Stored data entries
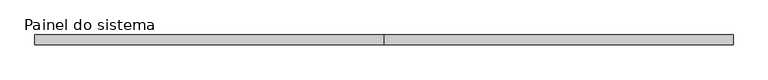
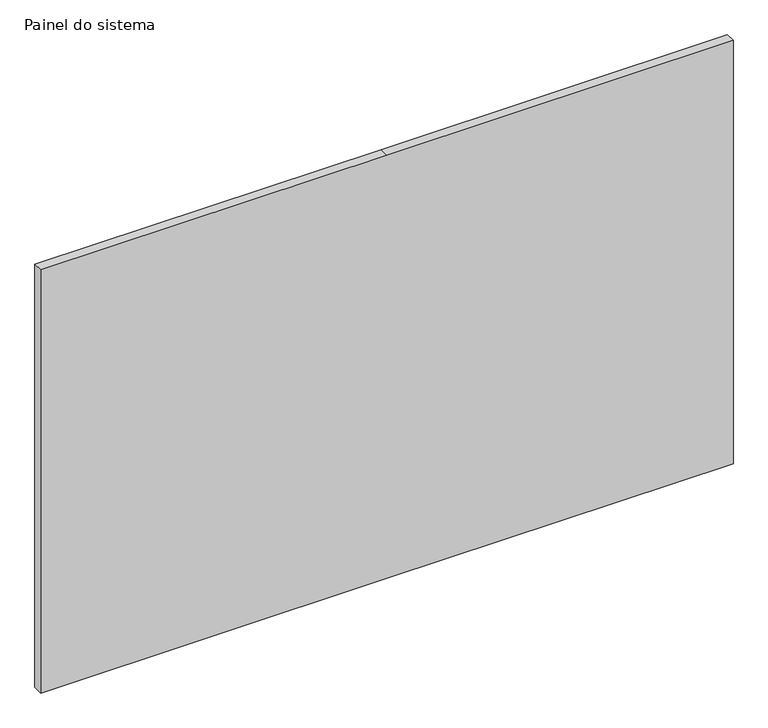
"""IFC4 building model written with IfcOpenShell, lengths in millimetres: plate geometry, Painel do sistema : Envidraçado."""

from ifc_helpers import new_model, si_unit, frame, origin, place, context, project, spatial, polyline, outline, extrude, source, transform, mapped, element, save


def painel_do_sistema_d3c51492(model_context):
    return source(origin(), model_context, "Body", "SweptSolid", [
        extrude(outline(polyline([(0.0, -890.0), (0.0, 0.0), (0.0, 890.0), (1150.0, 890.0), (1150.0, 0.0), (1150.0, -890.0), (0.0, -890.0)])), frame((0.0, 24.5, 0.0), z_axis=(0.0, 1.0, 0.0), x_axis=(0.0, 0.0, 1.0)), (0.0, 0.0, 1.0), 25.0),
    ])


if __name__ == "__main__":
    model = new_model("IFC4")
    model_context = context("Model", 3, world=origin())
    ifc_project = project(units=[si_unit("LENGTHUNIT", "METRE", prefix="MILLI")], contexts=[model_context])
    site = spatial("IfcSite", under=ifc_project)
    building = spatial("IfcBuilding", under=site)
    placement = place(None, origin())
    painel_do_sistema_shape = painel_do_sistema_d3c51492(model_context)
    element("IfcPlate", 1, ObjectType="Painel do sistema : Envidraçado", at=placement, inside=building, context=model_context, shape_type="MappedRepresentation", body=[
        mapped(painel_do_sistema_shape, transform((0.0, 0.0, 0.0), x_axis=(1.0, 0.0, 0.0), y_axis=(0.0, 1.0, 0.0), z_axis=(0.0, 0.0, 1.0))),
    ])
    save(model, "model.ifc")

# Revit data of these elements
# Type "Painel do sistema : Envidraçado"
#   Construction Type Id = "GSP4R"
#   Analytic Construction = "Vidraça única Pilkington 1/8 pol"
#   Visual Light Transmittance = 0.9
#   Solar Heat Gain Coefficient = 0.86
#   Heat Transfer Coefficient (U) = 6.7069 W/(m²·K)
# Element 1 (IfcPlate, "Painel do sistema : Envidraçado")
#   Materials on its faces: "Vidro"
# Materials
#   "Vidro": class "Vidro", colour RGB 0 128 192, transparency 0.9, Description = "Vidro de sílica", Cost = 0

WORK ITEM: Above are the entries. Copy exactly the part that opens with the line containing "Construction Type Id" and closes with the line containing "# Materials", and no more.

RESPONSE AREA:
#   Construction Type Id = "GSP4R"
#   Analytic Construction = "Vidraça única Pilkington 1/8 pol"
#   Visual Light Transmittance = 0.9
#   Solar Heat Gain Coefficient = 0.86
#   Heat Transfer Coefficient (U) = 6.7069 W/(m²·K)
# Element 1 (IfcPlate, "Painel do sistema : Envidraçado")
#   Materials on its faces: "Vidro"
# Materials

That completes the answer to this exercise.